Post-marketing surveillance of Telostop TAB (Telmisartan/Rosuvastatin)

Detailed Description

Telostop TAB is fixed-dose combination of telmisartan and rosuvastatin, which was approved in 2015 in the Republic of Korea for the treatment of patients with hypertention and dyslipidemia. A post-marketing surveillance was conducted following the approval to obtain data on the safety and efficacy of Telostop TAB in real-world practice.

Study Timeline

• Study Start: 2015-06-23
• Status Verified: 2018-11
• Study First Submitted: 2018-11-12
• Study First Submitted QC: 2018-11-14
• Last Update Submitted: 2018-11-14
• Study First Posted: 2018-11-15
• Last Update Posted: 2018-11-15
• Primary Completion: 2020-10-30
• Study Completion: 2020-10-30

Recruitment & Eligibility

• Status: UNKNOWN
• Sex: All
• Target Recruitment: 600

Inclusion Criteria

• The patient who is first prescribed and administered Telostop plus Tab.

Exclusion Criteria

• The patients who are overreacting to this drug or its components
• The patients to the "Do not administer to the next patient" section of the approved instructions for use

Study & Design

• Study Type: OBSERVATIONAL
• Study Design: Not specified

Primary Outcome Measures

Name	Time	Method
Incidence of adverse event after this drug administration in general medical practice	24 weeks	Any adverse events occurred after this drug dosing will be recorded. Description of adverse event(s) including type of adverse event(s), onset/end date, severity, action taken, causal relationship to the drug and investigator's view on the adverse event(s) will be captured, whether it is related to the drug or not and until follow up visit more than 1 time during the surveillance period.; Lab abnormalities and changes in vital signs are considered to be adverse events only if they result in discontinuation from the study, necessitate therapeutic medical intervention, and/or if the investigator considers them to be adverse events.

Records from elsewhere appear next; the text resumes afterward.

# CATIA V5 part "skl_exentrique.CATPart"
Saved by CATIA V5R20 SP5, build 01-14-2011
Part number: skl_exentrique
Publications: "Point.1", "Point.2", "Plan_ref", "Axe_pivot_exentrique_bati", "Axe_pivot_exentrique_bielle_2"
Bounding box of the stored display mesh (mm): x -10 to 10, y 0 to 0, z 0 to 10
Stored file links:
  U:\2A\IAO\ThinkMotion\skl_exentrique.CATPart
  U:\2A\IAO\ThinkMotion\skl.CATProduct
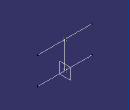
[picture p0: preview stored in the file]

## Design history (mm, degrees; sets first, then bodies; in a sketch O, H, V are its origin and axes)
Set1
  Point1: linked copy from another document
  Point2: linked copy from another document
  Plane1 "Plan_ref": linked copy from another document
Set2
  Line1: type PtPt, FirstPoint Point1, SecondPoint Point2
  Line2 "Axe_pivot_exentrique_bati": type Normal, RefPoint Point1, RefSkin Plane1, Start -10, End 10
  Line3 "Axe_pivot_exentrique_bielle_2": type Normal, RefPoint Point2, RefSkin Plane1, Start -10, End 10
Body1 (main body)
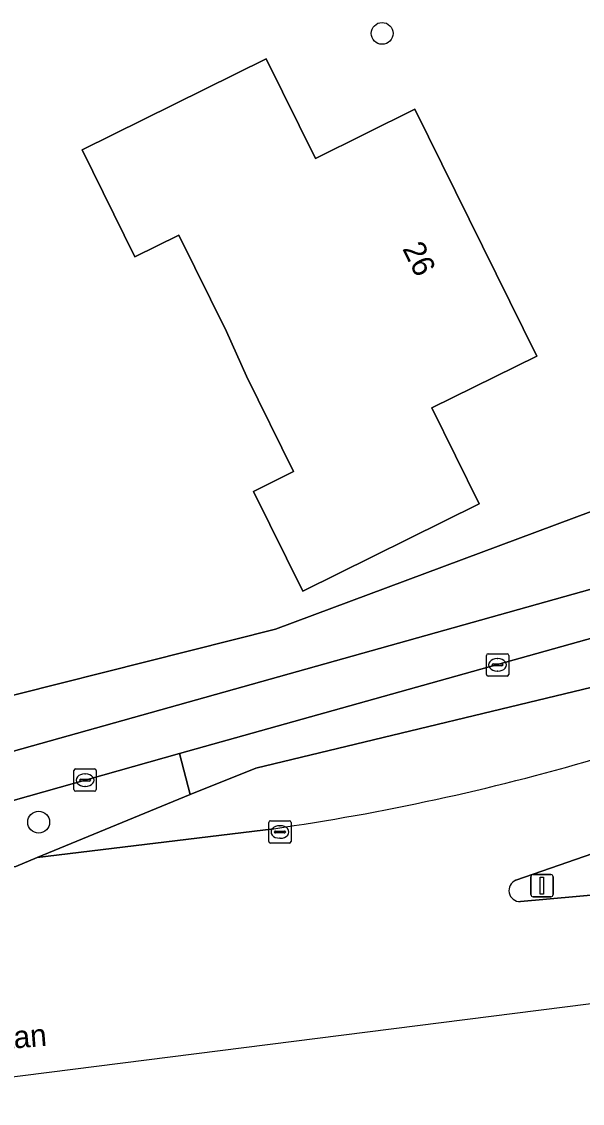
# Model space of a CAD drawing. Extents: x 161087 to 161926, y 382572 to 383873.
# Drawn here: x 161738.69 to 161763.81, y 382571.87 to 382620.31 of the extents above; entities that cross this region are included whole.
import ezdxf

# ---------------------------------------------------------------- set-up
doc = ezdxf.new("R2010")
doc.units = 0
for name, color, linetype in [('IMGEO_Boom', 7, 'Continuous'), ('IMGEO_Erf', 7, 'Continuous'), ('IMGEO_Fietspad_open', 7, 'Continuous'), ('IMGEO_Kolk', 7, 'Continuous'), ('IMGEO_Lichtmast', 7, 'Continuous'), ('IMGEO_Openbare_ruimte_label', 7, 'Continuous'), ('IMGEO_Pand', 7, 'Continuous'), ('IMGEO_Pand_nummerreeks', 7, 'Continuous'), ('IMGEO_Rijbaan_lokaal_gesloten', 7, 'Continuous'), ('IMGEO_Rioolput', 7, 'Continuous'), ('IMGEO_Verkeerseiland_groen', 7, 'Continuous'), ('IMGEO_Verkeerseiland_open', 7, 'Continuous'), ('IMGEO_Voetpad_open', 7, 'Continuous')]:
    doc.layers.add(name, color=color, linetype=linetype)

msp = doc.modelspace()

# ---------------------------------------------------------------- linework, layer by layer
at = {"layer": 'IMGEO_Boom'}
for centre in [(161754.841, 382619.783), (161739.452, 382584.466)]:
    msp.add_circle(centre, 0.489, dxfattribs=at)
at = {"layer": 'IMGEO_Erf'}
msp.add_lwpolyline([(161741.395, 382614.568), (161749.649, 382618.648), (161751.856, 382614.185), (161756.305, 382616.384), (161761.767, 382605.333), (161757.071, 382603.011), (161759.192, 382598.72), (161751.281, 382594.809), (161749.074, 382599.273), (161750.875, 382600.162), (161748.761, 382604.439), (161747.87, 382606.439), (161745.738, 382610.752), (161743.764, 382609.776)], close=True, dxfattribs=at)
msp.add_lwpolyline([(161728.057, 382587.75), (161732.732, 382588.753), (161750.068, 382593.111), (161776.833, 382603.073)], dxfattribs=at)
at = {"layer": 'IMGEO_Fietspad_open'}
for points in [[(161776.981, 382598.483), (161731.713, 382585.795)], [(161727.79, 382582.818), (161733.632, 382584.112), (161735.548, 382584.657), (161745.758, 382587.539), (161767.27, 382593.561), (161777.834, 382596.519), (161780.697, 382597.213), (161780.8, 382597.237), (161780.904, 382597.262)]]:
    msp.add_lwpolyline(points, dxfattribs=at)
at = {"layer": 'IMGEO_Kolk'}
for p, q in [((161741.033, 382585.922), (161741.033, 382586.774)), ((161741.108, 382586.848), (161741.96, 382586.848)), ((161741.521, 382586.628), (161741.546, 382586.628)), ((161742.034, 382586.774), (161742.034, 382585.922)), ((161741.292, 382586.342), (161741.292, 382586.354)), ((161741.73, 382586.305), (161741.332, 382586.305)), ((161741.335, 382586.391), (161741.733, 382586.391)), ((161741.776, 382586.354), (161741.776, 382586.342)), ((161741.96, 382585.848), (161741.108, 382585.848)), ((161741.544, 382586.068), (161741.519, 382586.068)), ((161749.762, 382583.6), (161749.762, 382584.452)), ((161749.837, 382584.526), (161750.689, 382584.526)), ((161750.25, 382584.306), (161750.275, 382584.306)), ((161750.763, 382584.452), (161750.763, 382583.6)), ((161750.021, 382584.02), (161750.021, 382584.032)), ((161750.459, 382583.983), (161750.061, 382583.983)), ((161750.064, 382584.069), (161750.462, 382584.069)), ((161750.273, 382583.746), (161750.248, 382583.746)), ((161750.505, 382584.032), (161750.505, 382584.02)), ((161750.689, 382583.526), (161749.837, 382583.526))]:
    msp.add_line(p, q, dxfattribs=at)
for points in [[(161741.033, 382585.922), (161741.033, 382586.774)], [(161741.108, 382586.848), (161741.96, 382586.848)], [(161742.034, 382586.774), (161742.034, 382585.922)], [(161741.96, 382585.848), (161741.108, 382585.848)], [(161749.762, 382583.6), (161749.762, 382584.452)], [(161749.837, 382584.526), (161750.689, 382584.526)], [(161750.763, 382584.452), (161750.763, 382583.6)], [(161750.689, 382583.526), (161749.837, 382583.526)]]:
    msp.add_lwpolyline(points, dxfattribs=at)
for centre, radius, start, end in [((161741.11, 382586.772), 0.0765, 91.552, 178.448), ((161741.11, 382586.772), 0.0765, 91.552, 178.448), ((161741.958, 382586.772), 0.0765, 1.552, 88.448), ((161741.958, 382586.772), 0.0765, 1.552, 88.448), ((161741.332, 382586.351), 0.0403, 85.8775, 175.7526), ((161741.329, 382586.341), 0.0366, 178.938, 274.7102), ((161741.733, 382586.348), 0.043, 264.8664, 352.4533), ((161741.737, 382586.353), 0.0386, 1.7309, 96.639), ((161741.11, 382585.924), 0.0765, 181.552, 268.448), ((161741.11, 382585.924), 0.0765, 181.552, 268.448), ((161741.958, 382585.924), 0.0765, 271.552, 358.448), ((161741.958, 382585.924), 0.0765, 271.552, 358.448), ((161749.839, 382584.45), 0.0765, 91.552, 178.448), ((161749.839, 382584.45), 0.0765, 91.552, 178.448), ((161750.687, 382584.45), 0.0765, 1.552, 88.448), ((161750.687, 382584.45), 0.0765, 1.552, 88.448), ((161750.061, 382584.029), 0.0403, 85.8775, 175.7526), ((161750.058, 382584.019), 0.0366, 178.938, 274.7102), ((161750.462, 382584.026), 0.043, 264.8664, 352.4533), ((161750.466, 382584.031), 0.0386, 1.7309, 96.639), ((161749.839, 382583.602), 0.0765, 181.552, 268.448), ((161749.839, 382583.602), 0.0765, 181.552, 268.448), ((161750.687, 382583.602), 0.0765, 271.552, 358.448), ((161750.687, 382583.602), 0.0765, 271.552, 358.448)]:
    msp.add_arc(centre, radius, start, end, dxfattribs=at)
for centre, major_axis, ratio, start_param, end_param in [((161741.52, 382586.348), (-0.387, 0.002), 0.722429, 4.712389, 7.853982), ((161741.545, 382586.348), (-0.39, 0.002), 0.717154, 1.570796, 4.712389), ((161750.249, 382584.026), (-0.387, 0.002), 0.722429, 4.712389, 7.853982), ((161750.274, 382584.026), (-0.39, 0.002), 0.717154, 1.570796, 4.712389)]:
    msp.add_ellipse(centre, major_axis=major_axis, ratio=ratio, start_param=start_param, end_param=end_param, dxfattribs=at)
at = {"layer": 'IMGEO_Lichtmast'}
for p, q in [((161761.508, 382581.222), (161761.508, 382582.022)), ((161761.508, 382582.022), (161761.508, 382581.222)), ((161761.608, 382582.122), (161762.398, 382582.122)), ((161762.398, 382582.122), (161761.608, 382582.122)), ((161762.498, 382582.022), (161762.498, 382581.222)), ((161762.498, 382581.222), (161762.498, 382582.022)), ((161762.398, 382581.122), (161761.608, 382581.122)), ((161761.608, 382581.122), (161762.398, 382581.122))]:
    msp.add_line(p, q, dxfattribs=at)
msp.add_lwpolyline([(161761.928, 382581.997), (161762.078, 382581.997), (161762.078, 382581.247), (161761.928, 382581.247), (161761.928, 382581.997)], dxfattribs=at)
for centre, start, end in [((161761.608, 382582.022), 90, 180), ((161761.608, 382582.022), 90, 180), ((161762.398, 382582.022), 0, 90), ((161762.398, 382582.022), 360, 90), ((161761.608, 382581.222), 180, 270), ((161761.608, 382581.222), 180, 270), ((161762.398, 382581.222), 270, 0), ((161762.398, 382581.222), 270, 0)]:
    msp.add_arc(centre, 0.1, start, end, dxfattribs=at)
at = {"layer": 'IMGEO_Pand'}
msp.add_lwpolyline([(161751.281, 382594.809), (161759.192, 382598.72), (161757.071, 382603.011), (161761.767, 382605.333), (161756.305, 382616.384), (161751.856, 382614.185), (161749.649, 382618.648), (161741.395, 382614.568), (161743.764, 382609.776), (161745.738, 382610.752), (161747.87, 382606.439), (161748.761, 382604.439), (161750.875, 382600.162), (161749.074, 382599.273)], close=True, dxfattribs=at)
at = {"layer": 'IMGEO_Rijbaan_lokaal_gesloten'}
for points in [[(161563.602, 382736.77), (161592.087, 382705.487), (161622.627, 382671.947), (161661.586, 382630.771), (161701.238, 382588.176), (161728.827, 382571.874), (161779.525, 382578.285), (161779.123, 382582.55), (161766.2, 382581.371), (161761.033, 382580.909)], [(161777.209, 382591.493), (161766.67, 382591.087), (161749.183, 382586.884), (161746.238, 382585.697), (161739.389, 382582.883), (161749.988, 382584.173)], [(161760.828, 382581.863), (161765.444, 382583.47), (161771.281, 382585.403)], [(161749.988, 382584.173), (161739.389, 382582.883), (161738.423, 382582.476), (161734.508, 382581.982)]]:
    msp.add_lwpolyline(points, dxfattribs=at)
for centre, radius, start, end in [((161735.059, 382687.795), 104.692, 278.19805, 286.26639), ((161735.059, 382687.795), 104.692, 278.19805, 286.26639), ((161761.017, 382581.405), 0.496, 112.3641, 271.8911)]:
    msp.add_arc(centre, radius, start, end, dxfattribs=at)
at = {"layer": 'IMGEO_Rioolput'}
for p, q in [((161759.585, 382592.007), (161760.437, 382592.007)), ((161759.51, 382591.081), (161759.51, 382591.933)), ((161759.769, 382591.501), (161759.769, 382591.513)), ((161759.812, 382591.55), (161760.21, 382591.55)), ((161759.998, 382591.787), (161760.023, 382591.787)), ((161760.253, 382591.513), (161760.253, 382591.501)), ((161760.511, 382591.933), (161760.511, 382591.081)), ((161760.437, 382591.007), (161759.585, 382591.007)), ((161760.207, 382591.464), (161759.809, 382591.464)), ((161760.021, 382591.227), (161759.996, 382591.227))]:
    msp.add_line(p, q, dxfattribs=at)
for points in [[(161759.585, 382592.007), (161760.437, 382592.007)], [(161759.51, 382591.081), (161759.51, 382591.933)], [(161760.511, 382591.933), (161760.511, 382591.081)], [(161760.437, 382591.007), (161759.585, 382591.007)]]:
    msp.add_lwpolyline(points, dxfattribs=at)
for centre, radius, start, end in [((161759.587, 382591.931), 0.0765, 91.552, 178.448), ((161759.587, 382591.931), 0.0765, 91.552, 178.448), ((161760.435, 382591.931), 0.0765, 1.552, 88.448), ((161760.435, 382591.931), 0.0765, 1.552, 88.448), ((161759.809, 382591.51), 0.0403, 85.8775, 175.7526), ((161759.806, 382591.5), 0.0366, 178.938, 274.7102), ((161760.21, 382591.507), 0.043, 264.8664, 352.4533), ((161760.214, 382591.512), 0.0386, 1.7309, 96.639), ((161759.587, 382591.083), 0.0765, 181.552, 268.448), ((161759.587, 382591.083), 0.0765, 181.552, 268.448), ((161760.435, 382591.083), 0.0765, 271.552, 358.448), ((161760.435, 382591.083), 0.0765, 271.552, 358.448)]:
    msp.add_arc(centre, radius, start, end, dxfattribs=at)
for centre, major_axis, ratio, start_param, end_param in [((161759.997, 382591.507), (-0.387, 0.002), 0.722429, 4.712389, 7.853982), ((161760.022, 382591.507), (-0.39, 0.002), 0.717154, 1.570796, 4.712389)]:
    msp.add_ellipse(centre, major_axis=major_axis, ratio=ratio, start_param=start_param, end_param=end_param, dxfattribs=at)
at = {"layer": 'IMGEO_Verkeerseiland_groen'}
for points in [[(161746.238, 382585.697), (161745.758, 382587.539), (161735.548, 382584.657), (161733.632, 382584.112), (161727.79, 382582.818)], [(161734.508, 382581.982), (161738.423, 382582.476), (161739.389, 382582.883), (161746.238, 382585.697)]]:
    msp.add_lwpolyline(points, dxfattribs=at)
at = {"layer": 'IMGEO_Verkeerseiland_open'}
msp.add_lwpolyline([(161761.033, 382580.909), (161766.2, 382581.371), (161765.444, 382583.47), (161760.828, 382581.863)], dxfattribs=at)
msp.add_arc((161761.017, 382581.405), 0.496, 112.3641, 271.8911, dxfattribs=at)
at = {"layer": 'IMGEO_Voetpad_open'}
for points in [[(161776.833, 382603.073), (161750.068, 382593.111), (161732.732, 382588.753), (161728.057, 382587.75)], [(161731.713, 382585.795), (161776.981, 382598.483)], [(161777.834, 382596.519), (161767.27, 382593.561), (161745.758, 382587.539), (161746.238, 382585.697), (161749.183, 382586.884), (161766.67, 382591.087), (161777.209, 382591.493), (161778.241, 382591.541)]]:
    msp.add_lwpolyline(points, dxfattribs=at)

# ---------------------------------------------------------------- texts
at = {"layer": 'IMGEO_Openbare_ruimte_label'}
msp.add_text('P Czn Hooftlaan', height=1, rotation=4.5876, dxfattribs=at).set_placement((161730.14, 382573.672))
at = {"layer": 'IMGEO_Pand_nummerreeks'}
msp.add_text('26', height=1, rotation=296.3011, dxfattribs=at).set_placement((161755.729, 382610.147))

doc.saveas('drawing.dxf')

Secondary Outcome Measures

Name	Time	Method
The change from baseline to week 24 in the LDL cholesterol	24 weeks	LDL cholesterol is measured before administration of the drug and within 24 weeks after administration.
The change from baseline to week 24 in the blood pressure	24 weeks	Blood pressure is measured before administration of the drug and within 24 weeks after administration.